A faithful copy of every entry, with the pictures removed, is what is needed here.

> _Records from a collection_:
--------
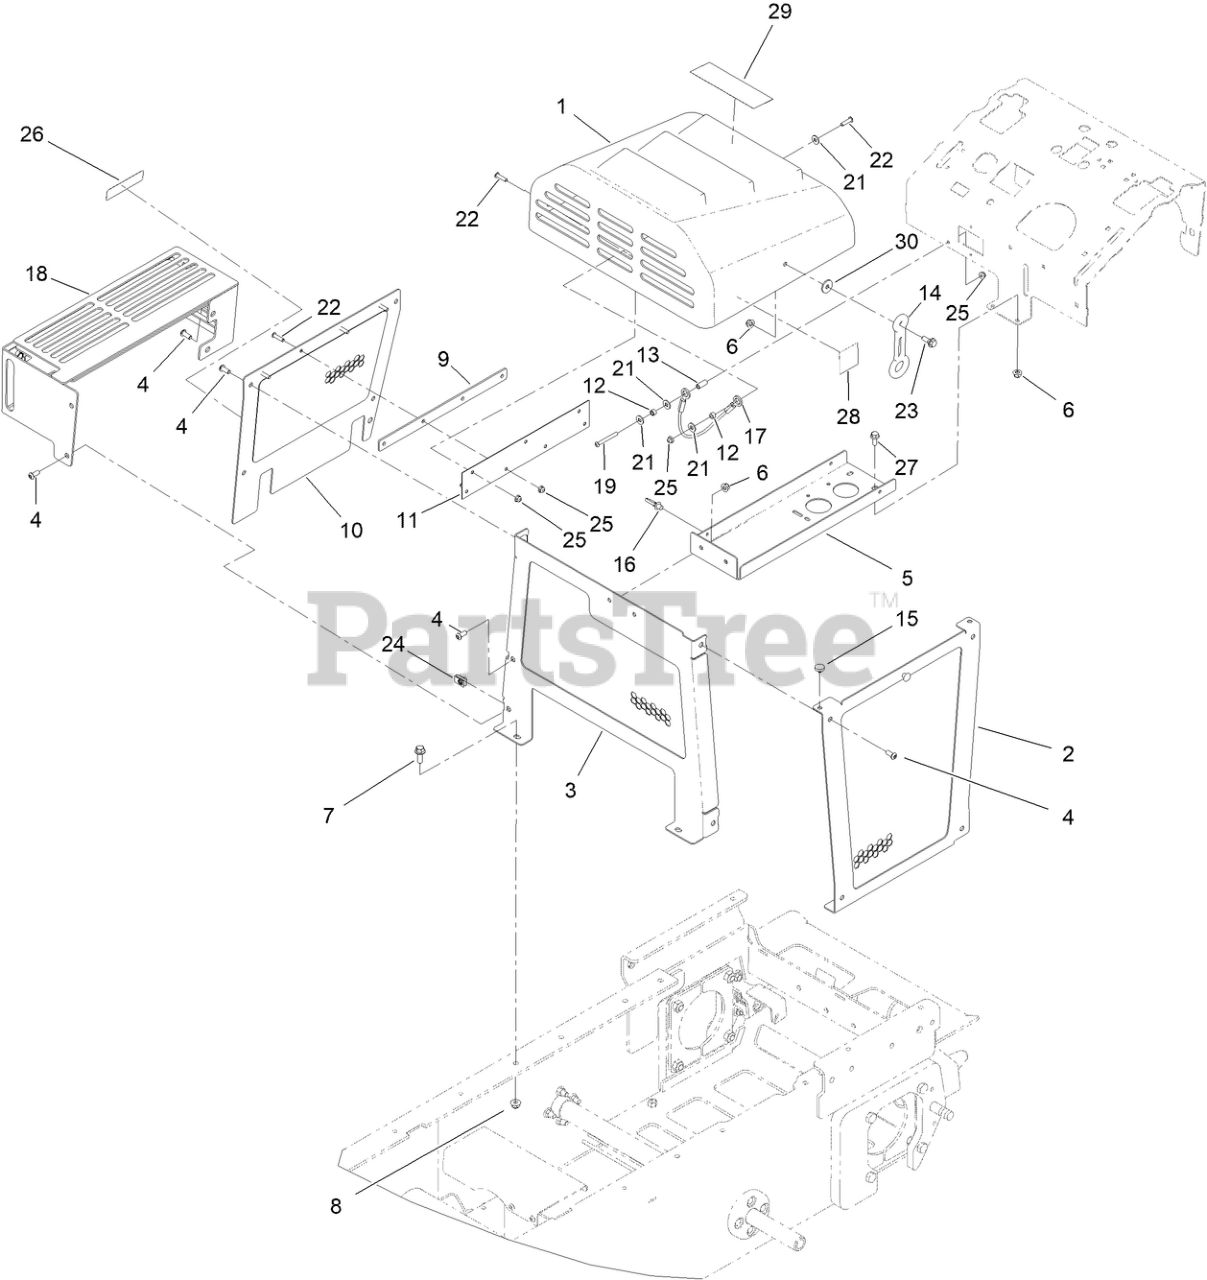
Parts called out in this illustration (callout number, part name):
1	HOOD ASM
2	PANEL-SIDE, LH
3	PANEL-FRONT (WELDED)
4	SCREW-HSBH
5	PLATFORM-BATTERY
6	NUT-HF, NI
7	SCREW-HHF
8	NUT-HF, NI
9	PLATE-SPACER, HOOD
10	PANEL-SIDE, UPPER
11	HINGE-HOOD
12	SPACER-BLADE, ROTOR
13	SPACER-BRAKE, PARKING
14	LATCH-RUBBER
15	BUMPER
16	CLIP-TIE
17	LANYARD
18	GUARD-MUFFLER
19	SCREW-HSBH
21	WASHER-FLAT
22	SCREW-HSBH
23	SCREW-SHOULDER
24	NUT-CLIP, U
25	NUT-HF
26	DECAL-ARRESTOR, SPARK
27	SCREW-HHF
28	DECAL-CPER0003
29	DECAL-RHHLG2X7
30	WASHER-FLAT
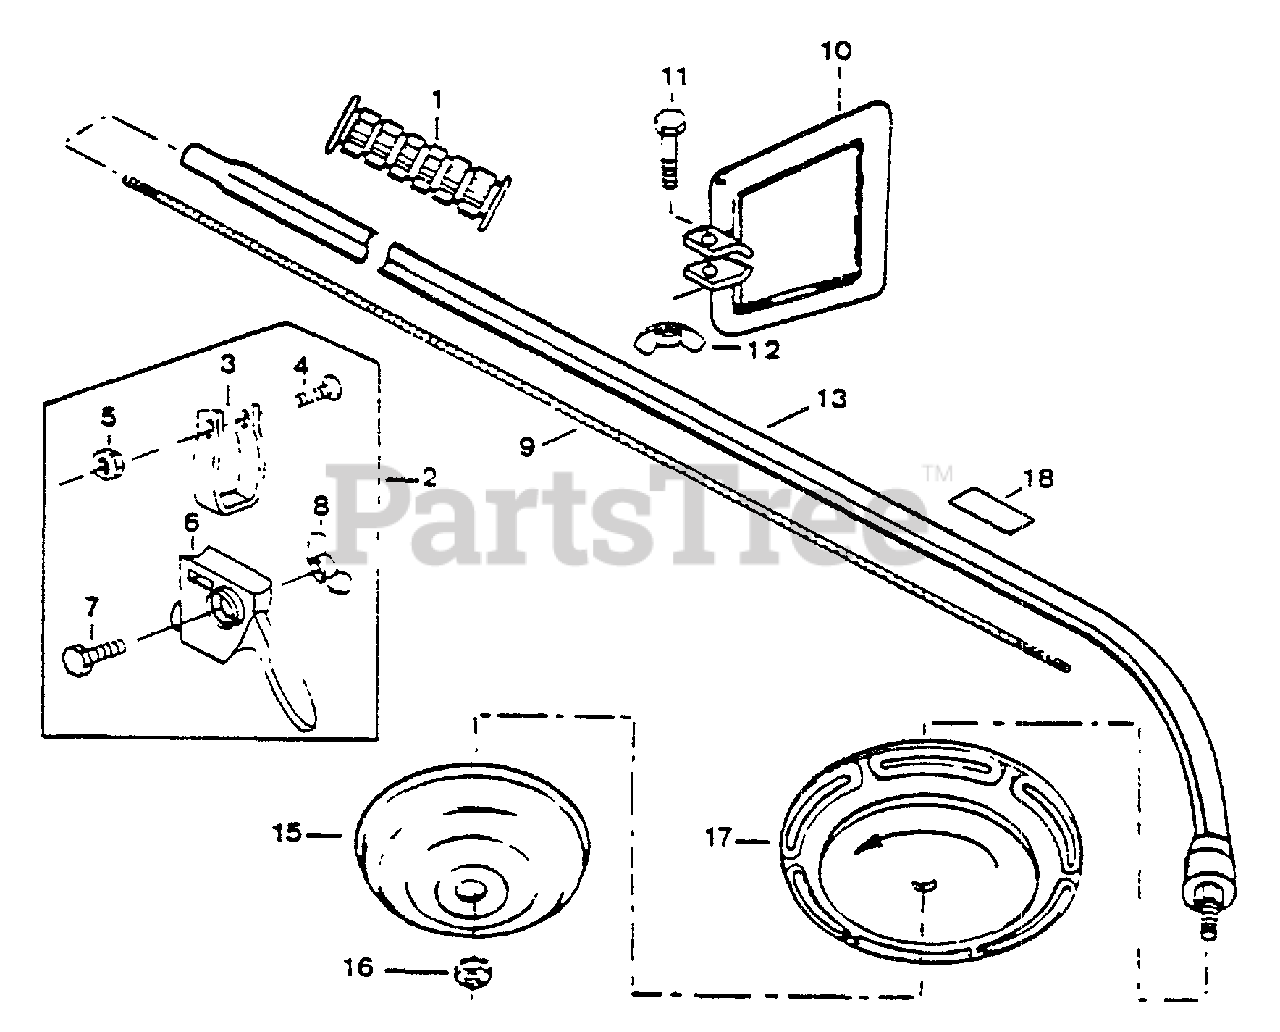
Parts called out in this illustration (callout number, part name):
2	CONTROL CABLE ASSY
3	CLAMP, THROTTLE
4	SCREW - 10-32
5	NUT - 10-32
6	Lever Throttle w/Body
7	SCREW - 10-32 X 1"
8	WINGNUT - 50-32
9	DRIVESHAFT - FLEXIBLE
10	Guide Handle
11	SCREW - 1/4-20
12	WINGNUT - 1/4-20
13	DRIVESHAFT ASSY - LEFT
14	Mono-Head w/.080 line complete
15	LID
16	SCREW - 1/4-20
17	Head Body Mono-Head
18	LABEL - LUBRICATION
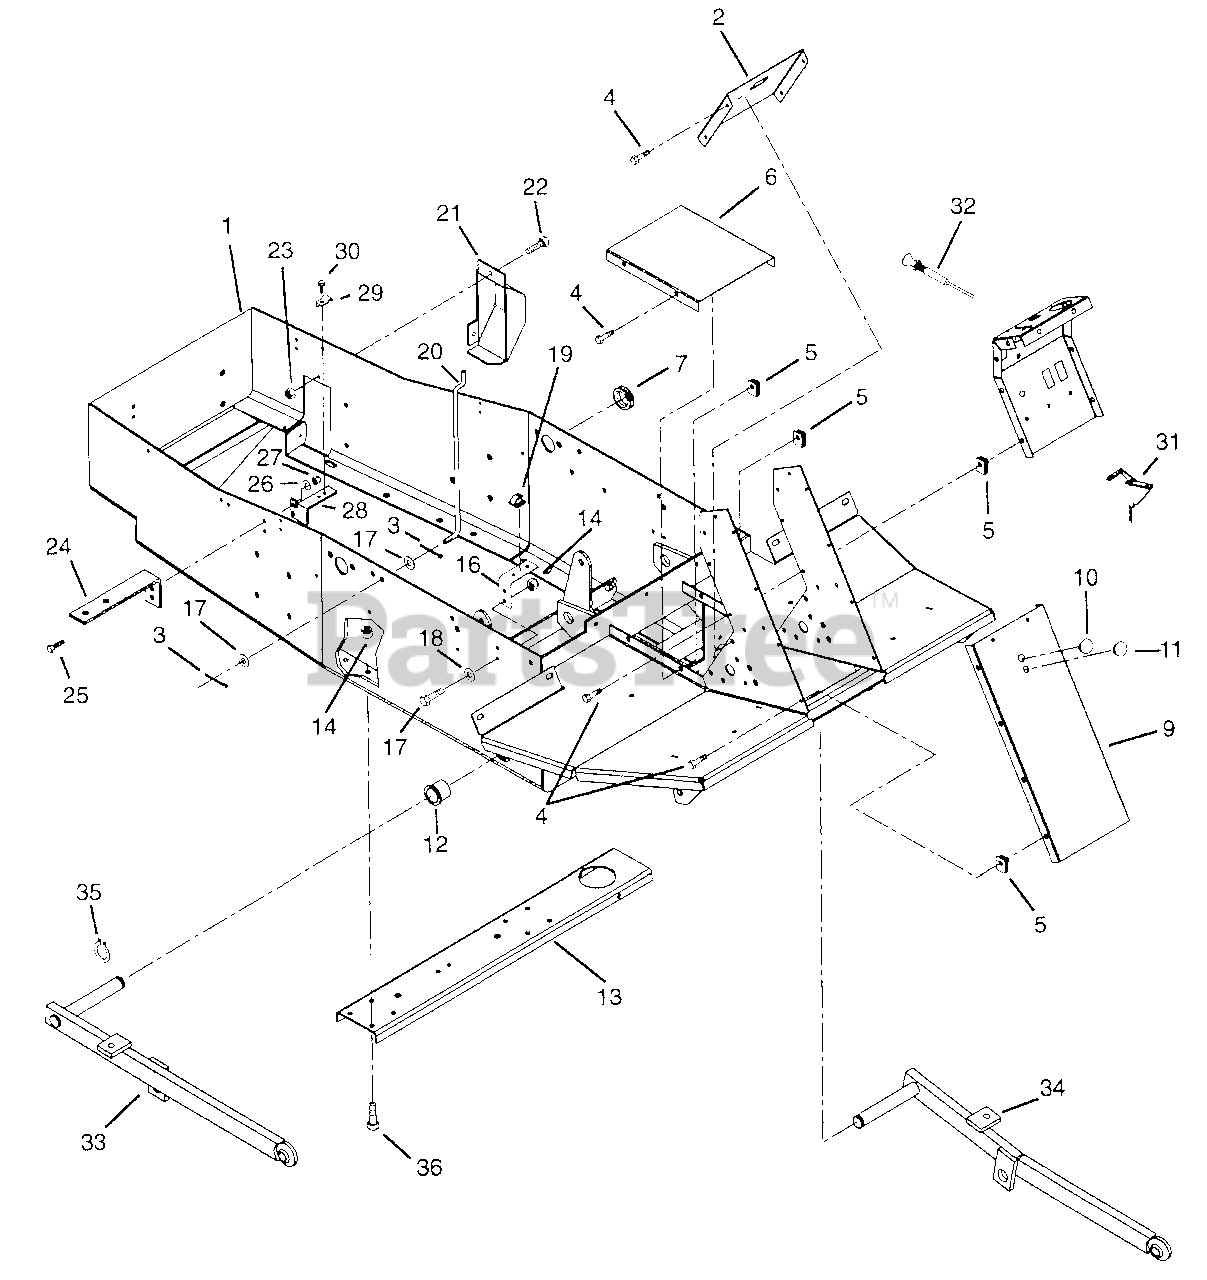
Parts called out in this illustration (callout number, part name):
1	Weldment, PM-350 Frame
2	Panel, Brake Lock
3	Pin-Cotter .09 x .75
4	Screw-Machine .25-20
5	Nut-Retainer .25-20 x .56
6	Panel, Access
7	Grommet, 1.25
8	Panel, Instrument
9	Panel, Front
10	Hole Plug
11	Plug, Hole
12	Bushing, Flange Nylon 1.25 x 1.50 x 1.50
13	Grommet, 1.25
14	Nut-Locking-Nylon .375-16 Grade 2
15	Bolt-Hex .380-16 x .875
16	Bracket,Oil Filter Mount
17	Bolt-Hex .38-16 x 1.00 Grade 5
18	Washer-Flat-Steel .406 x .812 x .065
19	Lever,Choke Control 8 HP
20	Rod,Stay
21	Cover, PTO Pulley
22	Bolt-Hex .25-20 x 1.00 Grade 5
23	Nut-Locking-Nylon .250-20 with Insert Grade 2
24	Bracket, Air Filter Mount (003,300)
25	Bolt-Hex .31-18 x .75 Grade 5 (003,300)
26	Washer-Flat-Steel .344 x .688 x .065 (003,300)
27	Nut-Locking-Nylon .312-18 (003,300)
28	Throttle Cable Bracket (003,300)
29	Clip, Diesel Throttle Cable (003,300)
30	Screw-Machine 10-24 x .62 (003,300)
31	Throttle Cable (003,300)
32	Choke Cable (004)
33	Weldment, Lift Arm Right Hand
34	Weldment, Lift Arm Left Hand
35	Ring-Retaining-External 1.15- x .093
36	Bolt-Hex .38-16 x .875
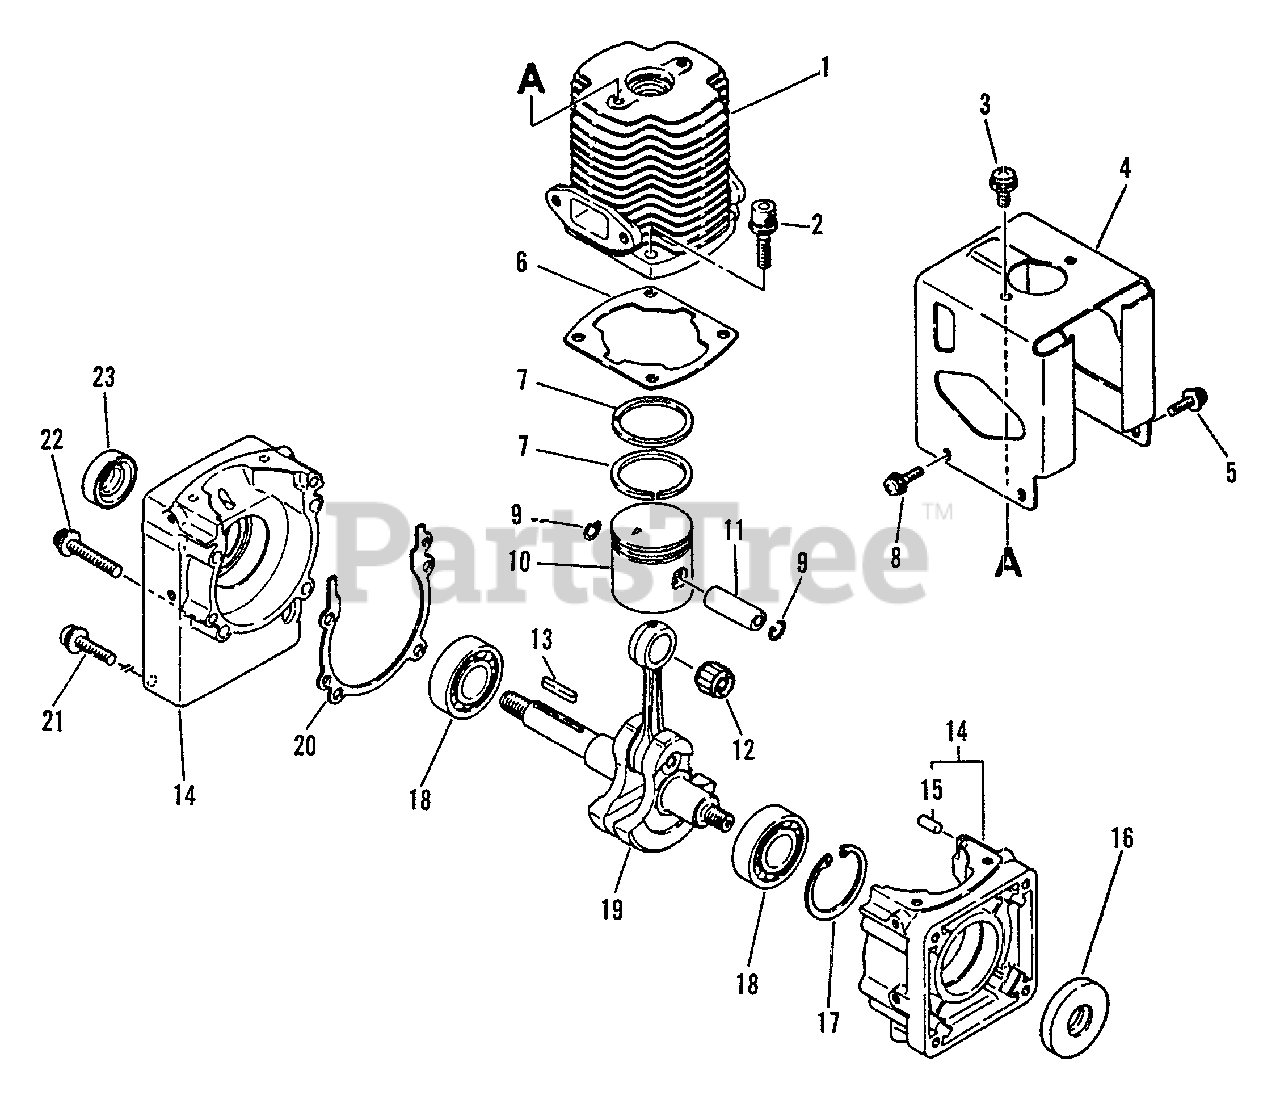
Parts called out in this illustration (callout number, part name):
1	CYLINDER
2	SCREW - 5X20
3	SCREW - 5X10
4	SHIELD, CYLINDER
5	SCREW - 4X14
6	GASKET, CYLINDER
7	RING, PISTON
8	SCREW - 4X12
9	RING, RETAINING - 8
10	PISTON
11	PIN, PISTON
12	BEARING, NEEDLE
13	KEY
14	CRANKCASE KIT
15	PIN - LOCATING
16	SEAL, OIL
17	RING, RETAINING - 35
18	BEARING, BALL - 6202
19	CRANKSHAFT ASSY
20	GASKET, CRANKCASE
21	SCREW - 5X20
22	SCREW - 5X30
23	SEAL, OIL
--------
> _PROBLEM SOLUTION_:
Parts called out in this illustration (callout number, part name):
1	HOOD ASM
2	PANEL-SIDE, LH
3	PANEL-FRONT (WELDED)
4	SCREW-HSBH
5	PLATFORM-BATTERY
6	NUT-HF, NI
7	SCREW-HHF
8	NUT-HF, NI
9	PLATE-SPACER, HOOD
10	PANEL-SIDE, UPPER
11	HINGE-HOOD
12	SPACER-BLADE, ROTOR
13	SPACER-BRAKE, PARKING
14	LATCH-RUBBER
15	BUMPER
16	CLIP-TIE
17	LANYARD
18	GUARD-MUFFLER
19	SCREW-HSBH
21	WASHER-FLAT
22	SCREW-HSBH
23	SCREW-SHOULDER
24	NUT-CLIP, U
25	NUT-HF
26	DECAL-ARRESTOR, SPARK
27	SCREW-HHF
28	DECAL-CPER0003
29	DECAL-RHHLG2X7
30	WASHER-FLAT
Parts called out in this illustration (callout number, part name):
2	CONTROL CABLE ASSY
3	CLAMP, THROTTLE
4	SCREW - 10-32
5	NUT - 10-32
6	Lever Throttle w/Body
7	SCREW - 10-32 X 1"
8	WINGNUT - 50-32
9	DRIVESHAFT - FLEXIBLE
10	Guide Handle
11	SCREW - 1/4-20
12	WINGNUT - 1/4-20
13	DRIVESHAFT ASSY - LEFT
14	Mono-Head w/.080 line complete
15	LID
16	SCREW - 1/4-20
17	Head Body Mono-Head
18	LABEL - LUBRICATION
Parts called out in this illustration (callout number, part name):
1	Weldment, PM-350 Frame
2	Panel, Brake Lock
3	Pin-Cotter .09 x .75
4	Screw-Machine .25-20
5	Nut-Retainer .25-20 x .56
6	Panel, Access
7	Grommet, 1.25
8	Panel, Instrument
9	Panel, Front
10	Hole Plug
11	Plug, Hole
12	Bushing, Flange Nylon 1.25 x 1.50 x 1.50
13	Grommet, 1.25
14	Nut-Locking-Nylon .375-16 Grade 2
15	Bolt-Hex .380-16 x .875
16	Bracket,Oil Filter Mount
17	Bolt-Hex .38-16 x 1.00 Grade 5
18	Washer-Flat-Steel .406 x .812 x .065
19	Lever,Choke Control 8 HP
20	Rod,Stay
21	Cover, PTO Pulley
22	Bolt-Hex .25-20 x 1.00 Grade 5
23	Nut-Locking-Nylon .250-20 with Insert Grade 2
24	Bracket, Air Filter Mount (003,300)
25	Bolt-Hex .31-18 x .75 Grade 5 (003,300)
26	Washer-Flat-Steel .344 x .688 x .065 (003,300)
27	Nut-Locking-Nylon .312-18 (003,300)
28	Throttle Cable Bracket (003,300)
29	Clip, Diesel Throttle Cable (003,300)
30	Screw-Machine 10-24 x .62 (003,300)
31	Throttle Cable (003,300)
32	Choke Cable (004)
33	Weldment, Lift Arm Right Hand
34	Weldment, Lift Arm Left Hand
35	Ring-Retaining-External 1.15- x .093
36	Bolt-Hex .38-16 x .875
Parts called out in this illustration (callout number, part name):
1	CYLINDER
2	SCREW - 5X20
3	SCREW - 5X10
4	SHIELD, CYLINDER
5	SCREW - 4X14
6	GASKET, CYLINDER
7	RING, PISTON
8	SCREW - 4X12
9	RING, RETAINING - 8
10	PISTON
11	PIN, PISTON
12	BEARING, NEEDLE
13	KEY
14	CRANKCASE KIT
15	PIN - LOCATING
16	SEAL, OIL
17	RING, RETAINING - 35
18	BEARING, BALL - 6202
19	CRANKSHAFT ASSY
20	GASKET, CRANKCASE
21	SCREW - 5X20
22	SCREW - 5X30
23	SEAL, OIL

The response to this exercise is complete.